(Records excerpted from a collection)
+ + + +
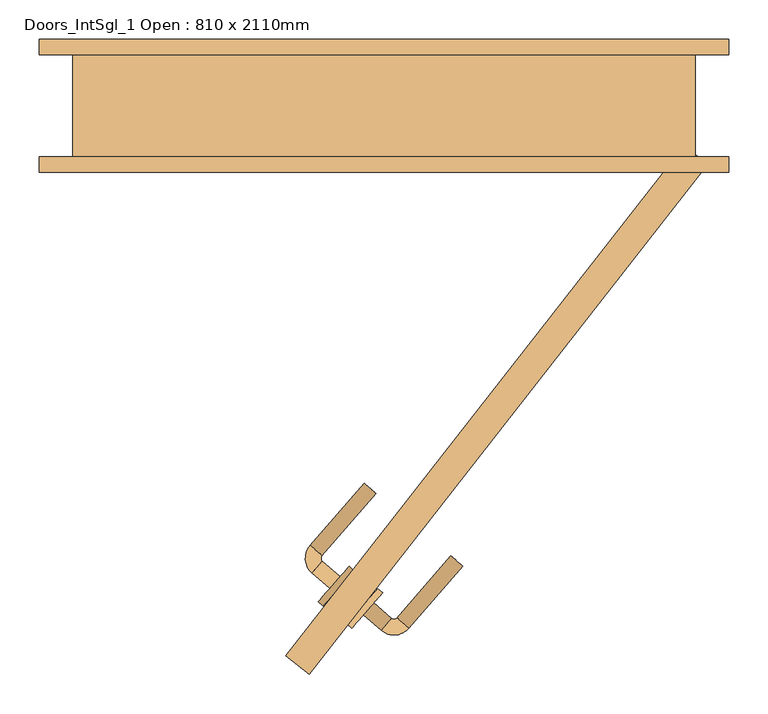
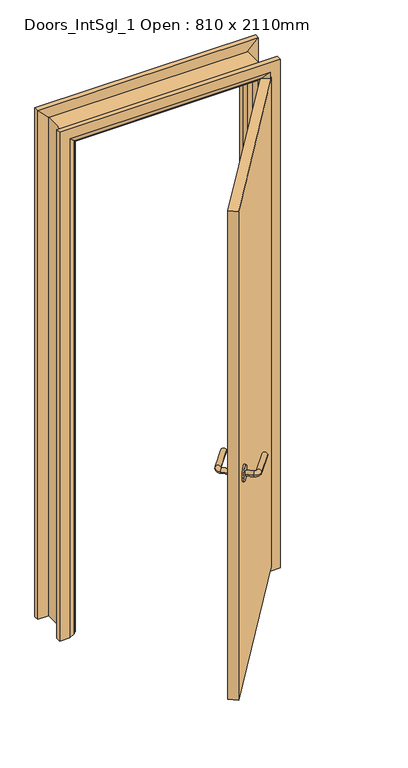
"""IFC4 building model written with IfcOpenShell, lengths in millimetres: door geometry, Doors_IntSgl_1 Open : 810 x 2110mm."""

from ifc_helpers import new_model, si_unit, point, frame, frame_2d, origin, place, context, project, spatial, polyline, circle_curve, ellipse_curve, trimmed, segment, composite_curve, outline, extrude, faceted_brep, source, transform, mapped, element, save
from ifc_brep_helpers import plane_surface, cylinder_surface, revolved_surface, advanced_brep


def doors_intsgl_1_open_810_x_2110mm_3496c895(model_context):
    return source(origin(), model_context, "Body", "SolidModel", [
        advanced_brep(
        [(-69.1197704, -615.7042456, 900.0), (-55.9985898, -600.610054, 900.0), (-91.7610578, -596.0224748, 900.0), (-78.6398772, -580.9282832, 900.0), (-79.13313, -573.8744401, 900.0), (-94.2273216, -560.7532595, 900.0), (-25.3411235, -481.5087536, 900.0), (-10.2469319, -494.6299342, 900.0)],
        [
            (0, 1, circle_curve(frame((-62.5591801, -608.1571498, 900.0), z_axis=(0.7547095802227883, -0.6560590289904886, 0.0), x_axis=(0.6560590289904885, 0.7547095802227881, 0.0)), 10.0)),
            (1, 0, circle_curve(frame((-62.5591801, -608.1571498, 900.0), z_axis=(0.7547095802227883, -0.6560590289904886, 0.0), x_axis=(0.6560590289904885, 0.7547095802227881, 0.0)), 10.0)),
            (0, 2),
            (2, 3, circle_curve(frame((-85.2004675, -588.475379, 900.0), z_axis=(0.7547095802227883, -0.6560590289904886, 0.0), x_axis=(0.6560590289904885, 0.7547095802227881, 0.0)), 10.0)),
            (3, 1),
            (3, 2, circle_curve(frame((-85.2004675, -588.475379, 900.0), z_axis=(0.7547095802227883, -0.6560590289904886, 0.0), x_axis=(0.6560590289904885, 0.7547095802227881, 0.0)), 10.0)),
            (4, 3, circle_curve(frame((-75.3595821, -577.1547353, 900.0), z_axis=(0.0, 0.0, 1.0), x_axis=(-0.6560590289904885, -0.7547095802227881, 0.0)), 5.0)),
            (2, 5, circle_curve(frame((-75.3595821, -577.1547353, 900.0), z_axis=(0.0, 0.0, -1.0), x_axis=(-0.6560590289904885, -0.7547095802227881, 0.0)), 25.0)),
            (5, 4, circle_curve(frame((-86.6802258, -567.3138498, 900.0), z_axis=(-0.656059028990488, -0.7547095802227886, 0.0), x_axis=(0.7547095802227886, -0.656059028990488, 0.0)), 10.0)),
            (4, 5, circle_curve(frame((-86.6802258, -567.3138498, 900.0), z_axis=(-0.6560590289904857, -0.7547095802227904, 0.0), x_axis=(0.7547095802227904, -0.6560590289904857, 0.0)), 10.0)),
            (6, 7, circle_curve(frame((-17.7940277, -488.0693439, 900.0), z_axis=(0.6560590289904886, 0.7547095802227883, 0.0), x_axis=(0.7547095802227881, -0.6560590289904885, 0.0)), 10.0)),
            (7, 6, circle_curve(frame((-17.7940277, -488.0693439, 900.0), z_axis=(0.6560590289904886, 0.7547095802227883, 0.0), x_axis=(0.7547095802227881, -0.6560590289904885, 0.0)), 10.0)),
            (5, 6),
            (7, 4),
        ],
        [
            plane_surface(frame((-62.5591801, -608.1571498, 900.0), z_axis=(0.7547095802227883, -0.6560590289904886, 0.0), x_axis=(0.0, 0.0, 1.0))),
            cylinder_surface(frame((-62.5591801, -608.1571498, 900.0), z_axis=(0.7547095802227881, -0.6560590289904885, 0.0), x_axis=(0.6560590289904885, 0.7547095802227881, 0.0)), 10.0),
            revolved_surface(trimmed(ellipse_curve(frame((-85.2004675, -588.475379, 900.0), z_axis=(0.7547095802227881, -0.6560590289904885, 0.0), x_axis=(0.6560590289904885, 0.7547095802227881, 0.0)), 10.0, 10.0), [point((-91.7610578, -596.0224748, 900.0))], [point((-78.6398772, -580.9282832, 900.0))], True, "CARTESIAN"), (-75.3595821, -577.1547353, 900.0), (0.0, 0.0, -1.0)),
            revolved_surface(trimmed(ellipse_curve(frame((-85.2004675, -588.475379, 900.0), z_axis=(0.7547095802227881, -0.6560590289904885, 0.0), x_axis=(0.6560590289904885, 0.7547095802227881, 0.0)), 10.0, 10.0), [point((-78.6398772, -580.9282832, 900.0))], [point((-91.7610578, -596.0224748, 900.0))], True, "CARTESIAN"), (-75.3595821, -577.1547353, 900.0), (0.0, 0.0, -1.0)),
            plane_surface(frame((-17.7940277, -488.0693439, 900.0), z_axis=(0.6560590289904886, 0.7547095802227883, 0.0), x_axis=(0.0, 0.0, 1.0))),
            cylinder_surface(frame((-86.6802258, -567.3138498, 900.0), z_axis=(-0.6560590289904885, -0.7547095802227881, 0.0), x_axis=(0.7547095802227881, -0.6560590289904885, 0.0)), 10.0),
        ],
        [
            (0, [[1, 2]]),
            (1, [[-1, 3, 4, 5]]),
            (1, [[-2, -5, 6, -3]]),
            (2, [[7, -4, 8, 9]]),
            (3, [[-8, -6, -7, 10]]),
            (4, [[11, 12]]),
            (5, [[-9, 13, -12, 14]]),
            (5, [[-10, -14, -11, -13]]),
        ],
    ),
        extrude(outline(composite_curve([segment(trimmed(circle_curve(frame_2d((0.0, -30.0)), 30.0), [point((0.0, -60.0))], [point((0.0, 0.0))], False, "CARTESIAN"), True, "CONTINUOUS"), segment(trimmed(circle_curve(frame_2d((0.0, -30.0)), 30.0), [point((0.0, 0.0))], [point((0.0, -60.0))], False, "CARTESIAN"), True, "CONTINUOUS")], self_intersect=False)), frame((-38.4798801, -592.6511086, 900.0), z_axis=(-0.7547095802227883, 0.6560590289904886, 0.0), x_axis=(0.0, 0.0, 1.0)), (0.0, 0.0, 1.0), 8.0),
        advanced_brep(
        [(-26.2647476, -649.3053178, 900.0), (-13.143567, -634.2111262, 900.0), (9.4977204, -653.8928971, 900.0), (-3.6234602, -668.9870887, 900.0), (16.5515634, -653.3996443, 900.0), (31.645755, -666.5208249, 900.0), (100.5319531, -587.276319, 900.0), (85.4377615, -574.1551384, 900.0)],
        [
            (0, 1, circle_curve(frame((-19.7041573, -641.758222, 900.0), z_axis=(-0.7547095802227883, 0.6560590289904886, 0.0), x_axis=(0.6560590289904885, 0.7547095802227881, 0.0)), 10.0)),
            (1, 0, circle_curve(frame((-19.7041573, -641.758222, 900.0), z_axis=(-0.7547095802227883, 0.6560590289904886, 0.0), x_axis=(0.6560590289904885, 0.7547095802227881, 0.0)), 10.0)),
            (1, 2),
            (2, 3, circle_curve(frame((2.9371301, -661.4399929, 900.0), z_axis=(-0.7547095802227883, 0.6560590289904886, 0.0), x_axis=(0.6560590289904885, 0.7547095802227881, 0.0)), 10.0)),
            (3, 0),
            (3, 2, circle_curve(frame((2.9371301, -661.4399929, 900.0), z_axis=(-0.7547095802227883, 0.6560590289904886, 0.0), x_axis=(0.6560590289904885, 0.7547095802227881, 0.0)), 10.0)),
            (4, 5, circle_curve(frame((24.0986592, -659.9602346, 900.0), z_axis=(-0.6560590289904913, -0.7547095802227858, 0.0), x_axis=(-0.7547095802227858, 0.6560590289904913, 0.0)), 10.0)),
            (5, 3, circle_curve(frame((12.7780155, -650.1193492, 900.0), z_axis=(0.0, 0.0, -1.0), x_axis=(-0.6560590289904885, -0.7547095802227881, 0.0)), 25.0)),
            (2, 4, circle_curve(frame((12.7780155, -650.1193492, 900.0), z_axis=(0.0, 0.0, 1.0), x_axis=(-0.6560590289904885, -0.7547095802227881, 0.0)), 5.0)),
            (5, 4, circle_curve(frame((24.0986592, -659.9602346, 900.0), z_axis=(-0.6560590289904891, -0.7547095802227877, 0.0), x_axis=(-0.7547095802227877, 0.6560590289904891, 0.0)), 10.0)),
            (6, 7, circle_curve(frame((92.9848573, -580.7157287, 900.0), z_axis=(0.6560590289904886, 0.7547095802227883, 0.0), x_axis=(-0.7547095802227881, 0.6560590289904885, 0.0)), 10.0)),
            (7, 6, circle_curve(frame((92.9848573, -580.7157287, 900.0), z_axis=(0.6560590289904886, 0.7547095802227883, 0.0), x_axis=(-0.7547095802227881, 0.6560590289904885, 0.0)), 10.0)),
            (4, 7),
            (6, 5),
        ],
        [
            plane_surface(frame((-19.7041573, -641.758222, 900.0), z_axis=(-0.7547095802227883, 0.6560590289904886, 0.0), x_axis=(0.0, 0.0, 1.0))),
            cylinder_surface(frame((-19.7041573, -641.758222, 900.0), z_axis=(-0.7547095802227881, 0.6560590289904885, 0.0), x_axis=(0.6560590289904885, 0.7547095802227881, 0.0)), 10.0),
            revolved_surface(trimmed(ellipse_curve(frame((2.9371301, -661.4399929, 900.0), z_axis=(0.7547095802227881, -0.6560590289904885, 0.0), x_axis=(0.6560590289904885, 0.7547095802227881, 0.0)), 10.0, 10.0), [point((-3.6234602, -668.9870887, 900.0))], [point((9.4977204, -653.8928971, 900.0))], True, "CARTESIAN"), (12.7780155, -650.1193492, 900.0), (0.0, 0.0, -1.0)),
            revolved_surface(trimmed(ellipse_curve(frame((2.9371301, -661.4399929, 900.0), z_axis=(0.7547095802227881, -0.6560590289904885, 0.0), x_axis=(0.6560590289904885, 0.7547095802227881, 0.0)), 10.0, 10.0), [point((9.4977204, -653.8928971, 900.0))], [point((-3.6234602, -668.9870887, 900.0))], True, "CARTESIAN"), (12.7780155, -650.1193492, 900.0), (0.0, 0.0, -1.0)),
            plane_surface(frame((92.9848573, -580.7157287, 900.0), z_axis=(0.6560590289904886, 0.7547095802227883, 0.0), x_axis=(0.0, 0.0, 1.0))),
            cylinder_surface(frame((24.0986592, -659.9602346, 900.0), z_axis=(-0.6560590289904885, -0.7547095802227881, 0.0), x_axis=(-0.7547095802227881, 0.6560590289904885, 0.0)), 10.0),
        ],
        [
            (0, [[1, 2]]),
            (1, [[3, 4, 5, -2]]),
            (1, [[-5, 6, -3, -1]]),
            (2, [[7, 8, -4, 9]]),
            (3, [[10, -9, -6, -8]]),
            (4, [[11, 12]]),
            (5, [[13, -11, 14, -7]]),
            (5, [[-14, -12, -13, -10]]),
        ],
    ),
        extrude(outline(composite_curve([segment(trimmed(circle_curve(frame_2d((0.0, 30.0)), 30.0), [point((0.0, 60.0))], [point((0.0, 0.0))], False, "CARTESIAN"), True, "CONTINUOUS"), segment(trimmed(circle_curve(frame_2d((0.0, 30.0)), 30.0), [point((0.0, 0.0))], [point((0.0, 60.0))], False, "CARTESIAN"), True, "CONTINUOUS")], self_intersect=False)), frame((-1.662534, -621.0037086, 900.0), z_axis=(-0.7547095802227883, 0.6560590289904886, 0.0), x_axis=(0.0, 0.0, -1.0)), (0.0, 0.0, 1.0), 8.0),
        extrude(outline(polyline([(383.3995748, -51.0018026), (413.3439834, -74.3969387), (-95.1923952, -725.2938212), (-125.1368039, -701.8986851), (383.3995748, -51.0018026)])), frame((0.0, 0.0, 18.0), z_axis=(0.0, 0.0, 1.0), x_axis=(1.0, 0.0, 0.0)), (0.0, 0.0, 1.0), 2060.0),
        advanced_brep(
        [(440.0, -85.0, 0.0), (400.0, -85.0, 0.0), (374.0, -71.0, 0.0), (370.0, -65.0, 0.0), (440.0, -65.0, 0.0), (440.0, -65.0, 2145.0), (440.0, -85.0, 2145.0), (370.0, -65.0, 2075.0), (-370.0, -65.0, 2075.0), (-370.0, -65.0, 0.0), (-440.0, -65.0, 0.0), (-440.0, -65.0, 2145.0), (374.0, -71.0, 2079.0), (400.0, -85.0, 2105.0), (-440.0, -85.0, 2145.0), (-440.0, -85.0, 0.0), (-400.0, -85.0, 0.0), (-400.0, -85.0, 2105.0), (-374.0, -71.0, 0.0), (-374.0, -71.0, 2079.0)],
        [
            (0, 1),
            (1, 2),
            (2, 3, circle_curve(frame((378.0, -64.0, 0.0), z_axis=(0.0, 0.0, -1.0), x_axis=(1.0, 0.0, 0.0)), 8.0622577)),
            (3, 4),
            (4, 0),
            (4, 5),
            (5, 6),
            (6, 0),
            (3, 7),
            (7, 8),
            (8, 9),
            (9, 10),
            (10, 11),
            (11, 5),
            (2, 12),
            (12, 7, ellipse_curve(frame((378.0, -64.0, 2083.0), z_axis=(0.7071067811865475, 0.0, -0.7071067811865475), x_axis=(-0.7071067811865474, 0.0, -0.7071067811865476)), 11.4017543, 8.0622577)),
            (1, 13),
            (13, 12),
            (6, 14),
            (14, 15),
            (15, 16),
            (16, 17),
            (17, 13),
            (10, 15),
            (14, 11),
            (9, 18, circle_curve(frame((-378.0, -64.0, 0.0), z_axis=(0.0, 0.0, -1.0), x_axis=(-1.0, 0.0, 0.0)), 8.0622577)),
            (18, 16),
            (19, 18),
            (8, 19, ellipse_curve(frame((-378.0, -64.0, 2083.0), z_axis=(-0.7071067811865475, 0.0, -0.7071067811865475), x_axis=(-0.7071067811865474, 0.0, 0.7071067811865476)), 11.4017543, 8.0622577)),
            (19, 17),
            (12, 19),
        ],
        [
            plane_surface(frame((370.0, -65.0, 0.0), z_axis=(0.0, 0.0, -1.0), x_axis=(0.0, 1.0, 0.0))),
            plane_surface(frame((440.0, -85.0, 0.0), z_axis=(1.0, 0.0, 0.0), x_axis=(0.0, 0.0, 1.0))),
            plane_surface(frame((440.0, -65.0, 0.0), z_axis=(0.0, 1.0, 0.0), x_axis=(0.0, 0.0, 1.0))),
            cylinder_surface(frame((378.0, -64.0, 0.0), z_axis=(0.0, 0.0, -1.0), x_axis=(1.0, 0.0, 0.0)), 8.0622577),
            plane_surface(frame((374.0, -71.0, 0.0), z_axis=(-0.4740998230350126, -0.880471099922178, 0.0), x_axis=(0.0, 0.0, 1.0))),
            plane_surface(frame((400.0, -85.0, 0.0), z_axis=(0.0, -1.0, 0.0), x_axis=(0.0, 0.0, 1.0))),
            plane_surface(frame((-440.0, -85.0, 2145.0), z_axis=(-1.0, 0.0, 0.0), x_axis=(0.0, 0.0, -1.0))),
            plane_surface(frame((-370.0, -65.0, 0.0), z_axis=(0.0, 0.0, -1.0), x_axis=(0.0, 1.0, 0.0))),
            cylinder_surface(frame((-378.0, -64.0, 2075.0), z_axis=(0.0, 0.0, 1.0), x_axis=(-1.0, 0.0, 0.0)), 8.0622577),
            plane_surface(frame((-374.0, -71.0, 2079.0), z_axis=(0.47409982303501824, -0.8804710999221749, 0.0), x_axis=(0.0, 0.0, -1.0))),
            plane_surface(frame((440.0, -85.0, 2145.0), z_axis=(0.0, 0.0, 1.0), x_axis=(-1.0, 0.0, 0.0))),
            cylinder_surface(frame((370.0, -64.0, 2083.0), z_axis=(1.0, 0.0, 0.0), x_axis=(0.0, 0.0, 1.0)), 8.0622577),
            plane_surface(frame((374.0, -71.0, 2079.0), z_axis=(0.0, -0.8804710999221764, -0.4740998230350154), x_axis=(-1.0, 0.0, 0.0))),
        ],
        [
            (0, [[1, 2, 3, 4, 5]]),
            (1, [[6, 7, 8, -5]]),
            (2, [[9, 10, 11, 12, 13, 14, -6, -4]]),
            (3, [[15, 16, -9, -3]]),
            (4, [[17, 18, -15, -2]]),
            (5, [[-8, 19, 20, 21, 22, 23, -17, -1]]),
            (6, [[-13, 24, -20, 25]]),
            (7, [[-24, -12, 26, 27, -21]]),
            (8, [[28, -26, -11, 29]]),
            (9, [[-22, -27, -28, 30]]),
            (10, [[-14, -25, -19, -7]]),
            (11, [[31, -29, -10, -16]]),
            (12, [[-23, -30, -31, -18]]),
        ],
    ),
        extrude(outline(polyline([(0.0, -346.0), (2051.0, -346.0), (2051.0, 346.0), (0.0, 346.0), (0.0, 365.0), (2070.0, 365.0), (2070.0, -365.0), (0.0, -365.0), (0.0, -346.0)])), frame((0.0, -25.0, 0.0), z_axis=(0.0, 1.0, 0.0), x_axis=(0.0, 0.0, 1.0)), (0.0, 0.0, 1.0), 32.0),
        advanced_brep(
        [(-440.0, 85.0, 0.0), (-400.0, 85.0, 0.0), (-374.0, 71.0, 0.0), (-370.0, 65.0, 0.0), (-440.0, 65.0, 0.0), (-440.0, 65.0, 2145.0), (-440.0, 85.0, 2145.0), (-370.0, 65.0, 2075.0), (-374.0, 71.0, 2079.0), (-400.0, 85.0, 2105.0), (440.0, 85.0, 0.0), (440.0, 65.0, 0.0), (370.0, 65.0, 0.0), (374.0, 71.0, 0.0), (400.0, 85.0, 0.0), (440.0, 85.0, 2145.0), (400.0, 85.0, 2105.0), (374.0, 71.0, 2079.0), (370.0, 65.0, 2075.0), (440.0, 65.0, 2145.0)],
        [
            (0, 1),
            (1, 2),
            (2, 3, circle_curve(frame((-378.0, 64.0, 0.0), z_axis=(0.0, 0.0, -1.0), x_axis=(-1.0, 0.0, 0.0)), 8.0622577)),
            (3, 4),
            (4, 0),
            (4, 5),
            (5, 6),
            (6, 0),
            (3, 7),
            (7, 5),
            (2, 8),
            (8, 7, ellipse_curve(frame((-378.0, 64.0, 2083.0), z_axis=(-0.7071067811865475, 0.0, -0.7071067811865475), x_axis=(0.7071067811865474, 0.0, -0.7071067811865476)), 11.4017543, 8.0622577)),
            (1, 9),
            (9, 8),
            (6, 9),
            (10, 11),
            (11, 12),
            (12, 13, circle_curve(frame((378.0, 64.0, 0.0), z_axis=(0.0, 0.0, -1.0), x_axis=(1.0, 0.0, 0.0)), 8.0622577)),
            (13, 14),
            (14, 10),
            (15, 10),
            (14, 16),
            (16, 15),
            (13, 17),
            (17, 16),
            (12, 18),
            (18, 17, ellipse_curve(frame((378.0, 64.0, 2083.0), z_axis=(0.7071067811865475, 0.0, -0.7071067811865475), x_axis=(0.7071067811865474, 0.0, 0.7071067811865476)), 11.4017543, 8.0622577)),
            (11, 19),
            (19, 18),
            (15, 19),
            (5, 19),
            (15, 6),
            (7, 18),
            (8, 17),
            (9, 16),
        ],
        [
            plane_surface(frame((-370.0, 137.8010989, 0.0), z_axis=(0.0, 0.0, -1.0), x_axis=(1.0, 0.0, 0.0))),
            plane_surface(frame((-440.0, 85.0, 0.0), z_axis=(-1.0, 0.0, 0.0), x_axis=(0.0, 0.0, 1.0))),
            plane_surface(frame((-440.0, 65.0, 0.0), z_axis=(0.0, -1.0, 0.0), x_axis=(0.0, 0.0, 1.0))),
            cylinder_surface(frame((-378.0, 64.0, 0.0), z_axis=(0.0, 0.0, -1.0), x_axis=(-1.0, 0.0, 0.0)), 8.0622577),
            plane_surface(frame((-374.0, 71.0, 0.0), z_axis=(0.4740998230350183, 0.8804710999221749, 0.0), x_axis=(0.0, 0.0, 1.0))),
            plane_surface(frame((-400.0, 85.0, 0.0), z_axis=(0.0, 1.0, 0.0), x_axis=(0.0, 0.0, 1.0))),
            plane_surface(frame((370.0, 137.8010989, 0.0), z_axis=(0.0, 0.0, -1.0), x_axis=(-1.0, 0.0, 0.0))),
            plane_surface(frame((400.0, 85.0, 2105.0), z_axis=(0.0, 1.0, 0.0), x_axis=(0.0, 0.0, -1.0))),
            plane_surface(frame((374.0, 71.0, 2079.0), z_axis=(-0.4740998230350183, 0.8804710999221749, 0.0), x_axis=(0.0, 0.0, -1.0))),
            cylinder_surface(frame((378.0, 64.0, 2075.0), z_axis=(0.0, 0.0, 1.0), x_axis=(1.0, 0.0, 0.0)), 8.0622577),
            plane_surface(frame((440.0, 65.0, 2145.0), z_axis=(0.0, -1.0, 0.0), x_axis=(0.0, 0.0, -1.0))),
            plane_surface(frame((440.0, 85.0, 2145.0), z_axis=(1.0, 0.0, 0.0), x_axis=(0.0, 0.0, -1.0))),
            plane_surface(frame((-440.0, 85.0, 2145.0), z_axis=(0.0, 0.0, 1.0), x_axis=(1.0, 0.0, 0.0))),
            plane_surface(frame((-440.0, 65.0, 2145.0), z_axis=(0.0, -1.0, 0.0), x_axis=(1.0, 0.0, 0.0))),
            cylinder_surface(frame((-370.0, 64.0, 2083.0), z_axis=(-1.0, 0.0, 0.0), x_axis=(0.0, 0.0, 1.0)), 8.0622577),
            plane_surface(frame((-374.0, 71.0, 2079.0), z_axis=(0.0, 0.8804710999221749, -0.4740998230350183), x_axis=(1.0, 0.0, 0.0))),
            plane_surface(frame((-400.0, 85.0, 2105.0), z_axis=(0.0, 1.0, 0.0), x_axis=(1.0, 0.0, 0.0))),
        ],
        [
            (0, [[1, 2, 3, 4, 5]]),
            (1, [[6, 7, 8, -5]]),
            (2, [[9, 10, -6, -4]]),
            (3, [[11, 12, -9, -3]]),
            (4, [[13, 14, -11, -2]]),
            (5, [[-8, 15, -13, -1]]),
            (6, [[16, 17, 18, 19, 20]]),
            (7, [[21, -20, 22, 23]]),
            (8, [[-22, -19, 24, 25]]),
            (9, [[-24, -18, 26, 27]]),
            (10, [[-26, -17, 28, 29]]),
            (11, [[-28, -16, -21, 30]]),
            (12, [[31, -30, 32, -7]]),
            (13, [[33, -29, -31, -10]]),
            (14, [[34, -27, -33, -12]]),
            (15, [[35, -25, -34, -14]]),
            (16, [[-32, -23, -35, -15]]),
        ],
    ),
        faceted_brep([(-365.0, -65.0, 0.0), (-397.0, -65.0, 0.0), (-397.0, 65.0, 0.0), (-365.0, 65.0, 0.0), (-365.0, 65.0, 2070.0), (-365.0, -65.0, 2070.0), (-397.0, 65.0, 2102.0), (-397.0, -65.0, 2102.0), (365.0, -65.0, 0.0), (365.0, 65.0, 0.0), (397.0, 65.0, 0.0), (397.0, -65.0, 0.0), (365.0, -65.0, 2070.0), (397.0, -65.0, 2102.0), (397.0, 65.0, 2102.0), (365.0, 65.0, 2070.0)], [[[0, 1, 2, 3]], [[3, 4, 5, 0]], [[2, 6, 4, 3]], [[1, 7, 6, 2]], [[0, 5, 7, 1]], [[8, 9, 10, 11]], [[12, 8, 11, 13]], [[13, 11, 10, 14]], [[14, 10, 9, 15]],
+ + + +
Among the entries, find each line that includes the string "origin" and copy it.

§ ANSWER SECTION
from ifc_helpers import new_model, si_unit, point, frame, frame_2d, origin, place, context, project, spatial, polyline, circle_curve, ellipse_curve, trimmed, segment, composite_curve, outline, extrude, faceted_brep, source, transform, mapped, element, save
    return source(origin(), model_context, "Body", "SolidModel", [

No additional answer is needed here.